▶ [What this task involves]: Return the records from the first line through the line containing "doc.linetypes.add(name, pattern=pattern)", and leave out the pictures.

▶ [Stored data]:
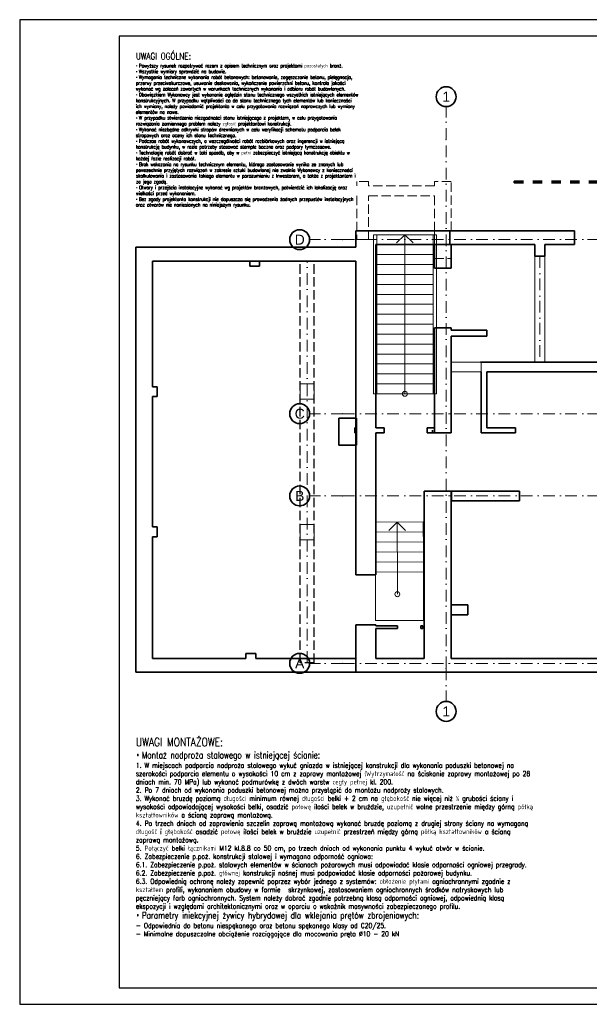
# Model space of a CAD drawing. Header units: millimetres. Extents: x -62590 to 46238, y 147773 to 522018.
# Tile 83 of 93: x 1238 to 18401, y 460118 to 489818. Entities that reach past the tile are written whole.
import ezdxf

# ---------------------------------------------------------------- set-up
doc = ezdxf.new("R2010")
doc.units = ezdxf.units.MM
for name, pattern in [('Krawędzie ukryte', [3.912222, 2.822222, -1.09]), ('Kropki i Kreski', [6.702778, 3.527778, -1.763889, 0, -1.411111]), ('Przerywana', [5.644444, 2.822222, -2.822222])]:
    doc.linetypes.add(name, pattern=pattern)
for name, color, linetype in [('!PB_Ramka', 7, 'Continuous'), ('!PB_Wyburzenia', 251, 'Do wyburzenia'), ('e-cad_cienkie', 1, 'Continuous'), ('e-cad_opisy', 7, 'Continuous'), ('Konstrukcja - Belki', 252, 'Continuous'), ('Konstrukcja - Siatka mod', 9, 'Continuous'), ('Konstrukcja - Słupy', 7, 'Continuous'), ('Konstrukcja - Ściany działowe', 7, 'Continuous'), ('Konstrukcja - Ściany nośne wew..P', 7, 'Continuous'), ('Konstrukcja - Ściany zewnętrzne', 7, 'Continuous')]:
    doc.layers.add(name, color=color, linetype=linetype)
doc.styles.add('e-cad_1', font='simplex.shx', dxfattribs={"width": 0.8})
doc.styles.get("Standard").update_dxf_attribs({"font": 'arial.ttf'})
doc.linetypes.add('Do wyburzenia', pattern='A,1.7,["/",Standard,S=1,R=10,X=-0.195,Y=-0.57],-0.5,["",Standard,S=1,R=10,X=-0.195,Y=-0.57],1.7', length=3.9)

# ---------------------------------------------------------------- blocks, each defined once
blk = doc.blocks.new('Rysunek_1_1 - ProBuild')
at = {"layer": '!PB_Wyburzenia', "lineweight": 35, "ltscale": 40, "flags": 128}
for points in [[(-3234, 7400), (-3234, 6580)], [(-2704, 7400), (-3234, 7400)], [(-2704, 6580), (-2704, 7400)], [(-3234, 6580), (-2704, 6580)], [(150, 1762), (150, 1462)], [(650, 1762), (150, 1762)], [(650, 1462), (650, 1762)], [(150, 1462), (650, 1462)]]:
    blk.add_lwpolyline(points, dxfattribs=at)
at = {"color": 252, "linetype": 'Continuous', "lineweight": 18, "ltscale": 100}
for p, q in [((-2093, 12930), (-2193, 12930)), ((-2193, 12930), (-2193, 8130)), ((-2093, 8130), (-2093, 12930)), ((-393, 12930), (-2093, 12930)), ((-2093, 12930), (-2093, 12630)), ((-1493, 12680), (-1243, 12930)), ((-1243, 12630), (-1243, 12930)), ((-1243, 12930), (-993, 12680)), ((-293, 12930), (-393, 12930)), ((-393, 12930), (-393, 8130)), ((-393, 12630), (-393, 12930)), ((-293, 8130), (-293, 12930)), ((-393, 12630), (-2093, 12630)), ((-2093, 12630), (-2093, 12330)), ((-2093, 12630), (-393, 12630)), ((-1243, 8430), (-1243, 12630)), ((-393, 12330), (-393, 12630)), ((-393, 12330), (-2093, 12330)), ((-2093, 12330), (-2093, 12030)), ((-2093, 12330), (-393, 12330)), ((-393, 12030), (-393, 12330)), ((-393, 12030), (-2093, 12030)), ((-2093, 12030), (-2093, 11730)), ((-2093, 12030), (-393, 12030)), ((-393, 11730), (-393, 12030)), ((-393, 11730), (-2093, 11730)), ((-2093, 11730), (-2093, 11430)), ((-2093, 11730), (-393, 11730)), ((-393, 11430), (-393, 11730)), ((-393, 11430), (-2093, 11430)), ((-2093, 11430), (-2093, 11130)), ((-2093, 11430), (-393, 11430)), ((-393, 11130), (-393, 11430)), ((-393, 11130), (-2093, 11130)), ((-2093, 11130), (-2093, 10830)), ((-2093, 11130), (-393, 11130)), ((-393, 10830), (-393, 11130)), ((-393, 10830), (-2093, 10830)), ((-2093, 10830), (-2093, 10530)), ((-2093, 10830), (-393, 10830)), ((-393, 10530), (-393, 10830)), ((-393, 10530), (-2093, 10530)), ((-2093, 10530), (-2093, 10230)), ((-2093, 10530), (-393, 10530)), ((-393, 10230), (-393, 10530)), ((-393, 10230), (-2093, 10230)), ((-2093, 10230), (-2093, 9930)), ((-2093, 10230), (-393, 10230)), ((-393, 9930), (-393, 10230)), ((-393, 9930), (-2093, 9930)), ((-2093, 9930), (-2093, 9630)), ((-2093, 9930), (-393, 9930)), ((-393, 9630), (-393, 9930)), ((-393, 9630), (-2093, 9630)), ((-2093, 9630), (-2093, 9330)), ((-2093, 9630), (-393, 9630)), ((-393, 9330), (-393, 9630)), ((-393, 9330), (-2093, 9330)), ((-2093, 9330), (-2093, 9030)), ((-2093, 9330), (-393, 9330)), ((-393, 9030), (-393, 9330)), ((-393, 9030), (-2093, 9030)), ((-2093, 9030), (-2093, 8730)), ((-2093, 9030), (-393, 9030)), ((-393, 8730), (-393, 9030)), ((-393, 8730), (-2093, 8730)), ((-2093, 8730), (-2093, 8430)), ((-2093, 8730), (-393, 8730)), ((-393, 8430), (-393, 8730)), ((-393, 8430), (-2093, 8430)), ((-2093, 8430), (-2093, 8130)), ((-2093, 8430), (-393, 8430)), ((-1243, 8130), (-1243, 8430)), ((-393, 8130), (-393, 8430)), ((-2193, 8130), (-2093, 8130)), ((-2093, 8130), (-393, 8130)), ((-393, 8130), (-293, 8130)), ((-690, 4264), (-2130, 4255)), ((-2130, 4255), (-2128, 3955)), ((-1729, 4008), (-1480, 4259)), ((-1478, 3959), (-1480, 4259)), ((-1480, 4259), (-1229, 4011)), ((-688, 3964), (-690, 4264)), ((-688, 3964), (-2128, 3955)), ((-2128, 3955), (-688, 3964)), ((-2128, 3955), (-2126, 3655)), ((-1471, 2759), (-1478, 3959)), ((-686, 3664), (-688, 3964)), ((-686, 3664), (-2126, 3655)), ((-2126, 3655), (-686, 3664)), ((-2126, 3655), (-2125, 3355)), ((-685, 3364), (-686, 3664)), ((-685, 3364), (-2125, 3355)), ((-2125, 3355), (-685, 3364)), ((-2125, 3355), (-2123, 3055)), ((-683, 3064), (-685, 3364)), ((-683, 3064), (-2123, 3055)), ((-2123, 3055), (-683, 3064)), ((-2123, 3055), (-2121, 2755)), ((-681, 2764), (-683, 3064)), ((-2131, 2735), (-2131, 1295)), ((-2121, 2735), (-2131, 2735)), ((-681, 2764), (-2121, 2755)), ((-2121, 2755), (-681, 2764)), ((-2121, 2755), (-2121, 2735)), ((-1471, 2757), (-1471, 2759)), ((-1471, 2085), (-1471, 2757)), ((-681, 2760), (-681, 2764)), ((-681, 1295), (-681, 2760)), ((-2131, 1295), (-681, 1295))]:
    blk.add_line(p, q, dxfattribs=at)
for centre, start, end in [((-1243, 8130), 0, 180), ((-1243, 8130), 180, 0), ((-1471, 2085), 0, 180), ((-1471, 2085), 180, 0)]:
    blk.add_arc(centre, 75, start, end, dxfattribs=at)
at = {"layer": 'Konstrukcja - Belki', "linetype": 'Przerywana', "lineweight": 35, "ltscale": 100}
for p, q in [((2046, 14548), (18010, 14548)), ((2046, 14493), (2046, 14548)), ((2046, 14493), (18010, 14493))]:
    blk.add_line(p, q, dxfattribs=at)
at = {"layer": 'Konstrukcja - Belki', "linetype": 'Continuous', "lineweight": 13, "ltscale": 100}
for p, q in [((2671, 12278), (2671, 9089)), ((2671, 12278), (2971, 12278)), ((2971, 12278), (2671, 12278)), ((2671, 12278), (2671, 9089)), ((2971, 12278), (2971, 9089)), ((2971, 12278), (2971, 9089)), ((2671, 9089), (2971, 9089)), ((2971, 9089), (2671, 9089))]:
    blk.add_line(p, q, dxfattribs=at)
at = {"layer": 'Konstrukcja - Belki', "linetype": 'Kropki i Kreski', "lineweight": 13, "ltscale": 100}
for p, q in [((2821, 12278), (2821, 9089)), ((-4185, 17), (-4185, 12130))]:
    blk.add_line(p, q, dxfattribs=at)
at = {"layer": 'Konstrukcja - Belki', "linetype": 'Krawędzie ukryte', "lineweight": 25, "ltscale": 100}
for p, q in [((-4395, 17), (-4395, 12130)), ((-3975, 12130), (-4395, 12130)), ((-3975, 17), (-3975, 12130)), ((-3975, 17), (-4395, 17))]:
    blk.add_line(p, q, dxfattribs=at)
at = {"layer": 'Konstrukcja - Siatka mod', "linetype": 'Kropki i Kreski', "lineweight": 13, "ltscale": 100}
for p, q in [((0, 15792), (0, 16792)), ((0, -150), (0, 15792)), ((-3115, 12780), (-4115, 12780)), ((-3115, 12780), (27604, 12780)), ((-3115, 7530), (-4115, 7530)), ((-3115, 7530), (27604, 7530)), ((-3115, 5050), (-4115, 5050)), ((-3115, 5050), (27604, 5050)), ((-3115, 0), (-4115, 0)), ((-3115, 0), (27604, 0)), ((0, -150), (0, -1150))]:
    blk.add_line(p, q, dxfattribs=at)
at = {"layer": 'Konstrukcja - Siatka mod', "linetype": 'Continuous', "lineweight": 35, "ltscale": 100}
for centre in [(0, 17092), (-4415, 12780), (-4415, 7530), (-4415, 5050), (-4415, 0), (0, -1450)]:
    blk.add_circle(centre, 300, dxfattribs=at)
at = {"layer": 'Konstrukcja - Siatka mod', "color": 7, "linetype": 'Kropki i Kreski', "lineweight": 13, "ltscale": 100}
for p in [(0, 15792), (0, 15792), (-3115, 12780), (-3115, 12780), (-3115, 7530), (-3115, 7530), (-3115, 5050), (-3115, 5050), (-3115, 0), (-3115, 0), (0, -150), (0, -150)]:
    blk.add_point(p, dxfattribs=at)
at = {"layer": 'Konstrukcja - Słupy', "color": 252, "linetype": 'Continuous', "lineweight": 13, "ltscale": 100, "flags": 128}
for points in [[(-4395, 7973), (-3975, 7973), (-3975, 8433), (-4395, 8433)], [(-4395, 3723), (-3975, 3723), (-3975, 4183), (-4395, 4183)]]:
    blk.add_lwpolyline(points, close=True, dxfattribs=at)
at = {"layer": 'Konstrukcja - Ściany działowe', "color": 252, "linetype": 'Continuous', "lineweight": 35, "ltscale": 100}
for p, q in [((1115, 9869), (1050, 9869)), ((1230, 9869), (1115, 9869)), ((1115, 9089), (1050, 9089)), ((1230, 9089), (1115, 9089)), ((-1870, 6949), (-1870, 7099)), ((-570, 6949), (-570, 7099)), ((-1462, 1049), (-1462, 1129)), ((-762, 1049), (-762, 1129))]:
    blk.add_line(p, q, dxfattribs=at)
at = {"layer": 'Konstrukcja - Ściany działowe', "color": 252, "linetype": 'Continuous', "lineweight": 35, "ltscale": 100, "flags": 128}
for points in [[(1050, 10049), (150, 10049)], [(150, 9869), (1050, 9869)], [(1230, 10049), (1050, 10049)], [(1230, 9869), (1230, 10049)], [(1050, 8789), (1050, 6949)], [(1230, 7099), (1230, 8789)], [(-2720, 7099), (-2753, 7099)], [(-2753, 7099), (-2753, 6949)], [(-2753, 6949), (-2720, 6949)], [(-1870, 7099), (-2120, 7099)], [(-2120, 6949), (-1870, 6949)], [(-350, 7099), (-570, 7099)], [(-570, 6949), (-350, 6949)], [(-350, 6949), (-350, 7099)], [(1050, 6949), (1230, 6949)], [(2086, 7099), (1230, 7099)], [(1230, 6949), (2086, 6949)], [(2086, 6949), (2086, 7099)], [(-1462, 1129), (-2120, 1129)], [(-2120, 1049), (-1462, 1049)], [(-700, 1129), (-762, 1129)], [(-762, 1049), (-700, 1049)], [(-700, 1049), (-700, 1129)]]:
    blk.add_lwpolyline(points, dxfattribs=at)
at = {"layer": 'Konstrukcja - Ściany nośne wew..P', "color": 252, "linetype": 'Continuous', "lineweight": 35, "ltscale": 100}
for p, q in [((-350, 11919), (150, 11919)), ((-350, 10119), (150, 10119)), ((-350, 7691), (-350, 7391)), ((150, 7391), (150, 7691)), ((150, 6949), (-410, 6949)), ((150, 5198), (-410, 5198)), ((2208, 5198), (2208, 4898)), ((-2120, 2665), (-2720, 2665)), ((-2120, 1165), (-2720, 1165))]:
    blk.add_line(p, q, dxfattribs=at)
at = {"layer": 'Konstrukcja - Ściany nośne wew..P', "color": 252, "linetype": 'Continuous', "lineweight": 35, "ltscale": 100, "flags": 128}
for points in [[(-2720, 13050), (-2720, 12550)], [(-2120, 7397), (-2120, 12630)], [(-350, 12630), (-350, 11919)], [(150, 11919), (150, 12630)], [(2671, 12630), (2671, 12278)], [(2971, 12278), (2971, 12630)], [(2671, 12278), (2971, 12278)], [(-5620, 12130), (-5920, 12130)], [(-5920, 12130), (-5920, 11985)], [(-5920, 11985), (-5620, 11985)], [(-5620, 11985), (-5620, 12130)], [(-2720, 12130), (-2720, 7397)], [(-350, 10119), (-350, 6949)], [(150, 10049), (150, 10119)], [(150, 6949), (150, 9869)], [(1050, 9089), (1030, 9089)], [(5115, 9089), (1230, 9089)], [(1030, 8789), (1050, 8789)], [(1230, 8789), (5565, 8789)], [(-8705, 8345), (-8850, 8345)], [(-8705, 8045), (-8705, 8345)], [(-8850, 8045), (-8705, 8045)], [(-2720, 7397), (-2720, 7099)], [(-2120, 7099), (-2120, 7397)], [(-2720, 6949), (-2720, 6577)], [(-2120, 6577), (-2120, 6949)], [(-410, 7030), (-410, 6949)], [(150, 6949), (150, 7030)], [(-2720, 6577), (-2720, 2665)], [(-2120, 2665), (-2120, 6577)], [(-660, 5198), (-660, 150)], [(-410, 5198), (-660, 5198)], [(150, 150), (150, 5198)], [(2208, 5198), (158, 5198)], [(158, 5198), (158, 4898)], [(158, 4898), (2208, 4898)], [(-8705, 4115), (-8850, 4115)], [(-8705, 3815), (-8705, 4115)], [(-8850, 3815), (-8705, 3815)], [(-2720, 1165), (-2720, -270)], [(-2120, 1129), (-2120, 1165)], [(-2120, 150), (-2120, 1049)], [(-6040, 295), (-6040, 150)], [(-5740, 295), (-6040, 295)], [(-5740, 150), (-5740, 295)], [(-660, 150), (-2120, 150)], [(-2720, -270), (-2120, -270)], [(-2120, -270), (-660, -270)]]:
    blk.add_lwpolyline(points, dxfattribs=at)
at = {"layer": 'Konstrukcja - Ściany nośne wew..P', "color": 252, "linetype": 'Continuous', "lineweight": 20, "ltscale": 100, "flags": 128}
for points in [[(1050, 9089), (150, 9089)], [(150, 9089), (150, 8789)], [(1050, 8789), (1050, 9089)], [(150, 8789), (1050, 8789)]]:
    blk.add_lwpolyline(points, dxfattribs=at)
at = {"layer": 'Konstrukcja - Ściany zewnętrzne', "color": 252, "linetype": 'Continuous', "lineweight": 35, "ltscale": 100}
for p, q in [((150, 13050), (-350, 13050)), ((150, 13050), (-350, 13050)), ((3863, 12880), (3863, 13050)), ((3863, 12830), (3863, 12880)), ((3863, 12630), (3863, 12830)), ((-350, 12630), (150, 12630)), ((-350, 12630), (150, 12630))]:
    blk.add_line(p, q, dxfattribs=at)
at = {"layer": 'Konstrukcja - Ściany zewnętrzne', "color": 252, "linetype": 'Krawędzie ukryte', "lineweight": 20, "ltscale": 100}
blk.add_line((-350, 13050), (-350, 12630), dxfattribs=at)
at = {"layer": 'Konstrukcja - Ściany zewnętrzne', "color": 252, "linetype": 'Krawędzie ukryte', "lineweight": 20, "ltscale": 100, "flags": 128}
for points in [[(-2690, 14530), (-2690, 14400)], [(-2340, 14530), (-2690, 14530)], [(-2340, 14400), (-2340, 14530)], [(-350, 14400), (-2340, 14400)], [(150, 14530), (-350, 14530)], [(-350, 14530), (-350, 14400)], [(150, 13050), (150, 14530)], [(-2690, 14100), (-2690, 12780)], [(-2340, 14100), (-350, 14100)], [(-2340, 12780), (-2340, 14100)], [(-350, 14100), (-350, 12210)], [(-2690, 12780), (-2340, 12780)], [(150, 12210), (150, 12630)], [(-350, 12210), (150, 12210)]]:
    blk.add_lwpolyline(points, dxfattribs=at)
at = {"layer": 'Konstrukcja - Ściany zewnętrzne', "color": 252, "linetype": 'Continuous', "lineweight": 35, "ltscale": 100, "flags": 128}
for points in [[(-2720, 13050), (-2120, 13050)], [(108, 13050), (-2120, 13050)], [(108, 12630), (108, 13050)], [(3863, 13050), (150, 13050)], [(-9350, 12550), (-8850, 12550)], [(-9350, 12550), (-9350, -270)], [(-2720, 12550), (-8850, 12550)], [(-2120, 12630), (108, 12630)], [(150, 12630), (2671, 12630)], [(2971, 12630), (3863, 12630)], [(-8850, 12130), (-2720, 12130)], [(-8850, 8345), (-8850, 12130)], [(-8850, 4115), (-8850, 8045)], [(-8850, 150), (-8850, 3815)], [(-6040, 150), (-8850, 150)], [(-2720, 150), (-5740, 150)], [(-2720, 150), (-2720, -270)], [(5396, 150), (150, 150)], [(-9350, -270), (-8850, -270)], [(-8850, -270), (-2720, -270)], [(-660, -270), (150, -270)], [(150, -270), (6646, -270)]]:
    blk.add_lwpolyline(points, dxfattribs=at)
at = {"layer": 'Konstrukcja - Siatka mod', "color": 7, "linetype": 'Continuous', "lineweight": 13, "char_height": 300, "attachment_point": 1, "style": 'e-cad_1'}
for s, insert in [('\\A1;{\\pql;\\pt0;\\fArial|b0|i0|c238|p0;\\W1.000000;1}', (-114, 17242)), ('\\A1;{\\pql;\\pt0;\\fArial|b0|i0|c238|p0;\\W1.000000;D}', (-4563, 12930)), ('\\A1;{\\pql;\\pt0;\\fArial|b0|i0|c238|p0;\\W1.000000;C}', (-4563, 7680)), ('\\A1;{\\pql;\\pt0;\\fArial|b0|i0|c238|p0;\\W1.000000;B}', (-4552, 5200)), ('\\A1;{\\pql;\\pt0;\\fArial|b0|i0|c238|p0;\\W1.000000;A}', (-4552, 150)), ('\\A1;{\\pql;\\pt0;\\fArial|b0|i0|c238|p0;\\W1.000000;1}', (-114, -1300))]:
    blk.add_mtext(s, dxfattribs=dict(at, insert=insert))
blk = doc.blocks.new('*U4')
at = {"layer": 'e-cad_opisy', "color": 8, "ltscale": 0.4}
blk.add_lwpolyline([(0, 0), (450, 0), (450, 297), (25, 297), (25, 297), (0, 297), (0, 0)], dxfattribs=at)
at = {"layer": 'e-cad_opisy', "color": 3, "ltscale": 0.4}
blk.add_lwpolyline([(30, 5), (445, 5), (445, 292), (30, 292), (30, 5)], dxfattribs=at)

msp = doc.modelspace()

# ---------------------------------------------------------------- block references
at = {"layer": '!PB_Ramka', "xscale": 100, "yscale": 100, "zscale": 100}
msp.add_blockref('*U4', (1238, 460117.6), dxfattribs=at)
at = {"layer": 'e-cad_cienkie', "ltscale": 10}
msp.add_blockref('Rysunek_1_1 - ProBuild', (14088, 470402.7), dxfattribs=at)

# ---------------------------------------------------------------- texts
at = {"layer": 'e-cad_opisy', "attachment_point": 1, "style": 'e-cad_1'}
for s, insert, char_height, width in [('{\\Fsimplex.shx|c1;\\H2x;UWAGI OGÓLNE:\\P\\pxi-5.25,l5.25;\\fArial|b0|i0|c238|p0;\\H0.525x;▪ \\Fsimplex.shx|c1;Powyższy rysunek rozpatrywać razem z opisem technicznym oraz projektami pozostałych branż.\\P\\fArial|b0|i0|c238|p0;▪ \\Fsimplex.shx|c1;Wszystkie wymiary sprawdzić na budowie.\\P\\pi0,l0;\\fArial|b0|i0|c238|p0;▪ \\Fsimplex.shx|c1;Wymagania techniczne wykonania robót betonowych: betonowanie, zagęszczanie betonu, pielęgnacja, przerwy przeciwskurczowe, usuwanie deskowania, wykończenie powierzchni betonu, kontrola jakości wykonać wg zaleceń zawartych w warunkach technicznych wykonania i odbioru robót budowlanych.\\P\\fArial|b0|i0|c238|p0;▪ \\Fsimplex.shx|c1;Obowiązkiem Wykonawcy jest wykonanie oględzin stanu technicznego wszystkich istniejących elementów konstrukcyjnych. W przypadku wątpliwości co do stanu technicznego tych elementów lub konieczności ich wymiany, należy powiadomić projektanta w celu przygotowania rozwiązań naprawczych lub wymiany elementów na nowe. \\P\\fArial|b0|i0|c238|p0;▪ \\Fsimplex.shx|c1;W przypadku stwierdzenia niezgodności stanu istniejącego z projektem, w celu przygotowania rozwiązania zamiennego problem należy zgłosić projektantowi konstrukcji.\\P\\fArial|b0|i0|c238|p0;▪ \\Fsimplex.shx|c1;Wykonać niezbędne odkrywki stropów drewnianych w celu weryfikacji schematu podparcia belek stropowych oraz oceny ich stanu technicznego.\\P\\fArial|b0|i0|c238|p0;▪ \\Fsimplex.shx|c1;Podczas robót wykonawczych, a wszczególności robót rozbiórkowych oraz ingerencji w istniejącą konstrukcję budynku, w razie potrzeby stosować stemple boczne oraz podpory tymczasowe.\\P\\fArial|b0|i0|c238|p0;▪ \\Fsimplex.shx|c1;Technologię robót dobrać w taki sposób, aby w pełni zabezpieczyć istniejącą konstrukcję obiektu w każdej fazie realizacji robót.\\P\\pi0,l0.041667,se0.941667,ql;\\fArial|b0|i0|c1|p0;▪ \\Fsimplex.shx|c1;Brak wskazania na rysunku technicznym elementu, którego zastosowanie wynika ze znanych lub powszechnie przyjętych rozwiązań w zakresie sztuki budowlanej nie zwalnia Wykonawcy z konieczności skalkulowania i zastosowania takiego elementu w porozumieniu z Inwestorem, a także z projektantem i za jego zgodą.\\P\\fArial|b0|i0|c238|p0;▪ \\Fsimplex.shx|c238;Otwory i przejścia instalacyjne wykonać wg projektów branżowych, potwierdzić ich lokalizację oraz wielkości przed wykonaniem.\\P\\pi0,l0,s*1,q*;\\fArial|b0|i0|c238|p0;▪ \\Fsimplex.shx|c238;Bez zgody projektanta konstrukcji nie dopuszcza się prowadzenia żadnych przepustów instalacyjnych oraz otworów nie naniesionych na niniejszym rysunku.}', (4738, 488817.6), 100, 6556.204), ('{\\H1.66667x;UWAGI MONTAŻOWE:\\P\\fTahoma|b0|i0|c238|p0;\\H0.799997x;• \\Fsimplex.shx|c238;Montaż nadproża stalowego w istniejącej ścianie:}\\P1. W miejscach podparcia nadproża stalowego wykuć gniazda w istniejącej konstrukcji dla wykonania poduszki betonowej na szerokości podparcia elementu o wysokości 10 cm z zaprawy montażowej (Wytrzymałość na ściskanie zaprawy montażowej po 28 dniach min. 70 MPa) lub wykonać podmurówkę z dwóch warstw cegły pełnej kl. 200.  \\P2. Po 7 dniach od wykonania poduszki betonowej można przystąpić do montażu nadproży stalowych.\\P3. Wykonać bruzdę poziomą długości minimum równej długości belki + 2 cm na głębokość nie więcej niż ½ grubości ściany i wysokości odpowiadającej wysokości belki, osadzić połowę ilości belek w bruździe, uzupełnić wolne przestrzenie między górną półką kształtowników a ścianą zaprawą montażową.\\P4. Po trzech dniach od zaprawienia szczelin zaprawą montażową wykonać bruzdę poziomą z drugiej strony ściany na wymaganą długość i głębokość osadzić połowę ilości belek w bruździe uzupełnić przestrzeń między górną półką kształtowników a ścianą zaprawą montażową.\\P5. Połączyć belki łącznikami M12 kl.8.8 co 50 cm, po trzech dniach od wykonania punktu 4 wykuć otwór w ścianie.\\P6. Zabezpieczenie p.poż. konstrukcji stalowej i wymagana odporność ogniowa:\\P6.1. Zabezpieczenie p.poż. stalowych elementów w ścianach pożarowych musi odpowiadać klasie odporności ogniowej przegrody. \\P6.2. Zabezpieczenie p.poż. głównej konstrukcji nośnej musi podpowiadać klasie odporności pożarowej budynku.\\P6.3. Odpowiednią ochronę należy zapewnić poprzez wybór jednego z systemów: obłożenie płytami ogniochronnymi zgodnie z kształtem profili, wykonaniem obudowy w formie {\\W1.381576; }skrzynkowej, zastosowaniem ogniochronnych środków natryskowych lub pęczniejący farb ogniochronnych. System należy dobrać zgodnie potrzebną klasą odporności ogniowej, odpowiednią klasą ekspozycji i względami architektonicznymi oraz w oparciu o wskaźnik masywności zabezpieczanego profilu. \\P{\\fTahoma|b0|i0|c238|p0;\\H1.333333x;• \\Fsimplex.shx|c1;Parametry iniekcyjnej żywicy hybrydowej dla wklejania prętów zbrojeniowych:}\\P- Odpowiednia do betonu niespękanego oraz betonu spękanego klasy od C20/25. \\P- Minimalne dopuszczalne obciążenie rozciągające dla mocowania pręta ∅10 - 20 kN ', (4738, 468152.7), 150, 11451.429)]:
    msp.add_mtext(s, dxfattribs=dict(at, insert=insert, char_height=char_height, width=width))

doc.saveas('drawing.dxf')

▶ [Task result]:
# Model space of a CAD drawing. Header units: millimetres. Extents: x -62590 to 46238, y 147773 to 522018.
# Tile 83 of 93: x 1238 to 18401, y 460118 to 489818. Entities that reach past the tile are written whole.
import ezdxf

# ---------------------------------------------------------------- set-up
doc = ezdxf.new("R2010")
doc.units = ezdxf.units.MM
for name, pattern in [('Krawędzie ukryte', [3.912222, 2.822222, -1.09]), ('Kropki i Kreski', [6.702778, 3.527778, -1.763889, 0, -1.411111]), ('Przerywana', [5.644444, 2.822222, -2.822222])]:
    doc.linetypes.add(name, pattern=pattern)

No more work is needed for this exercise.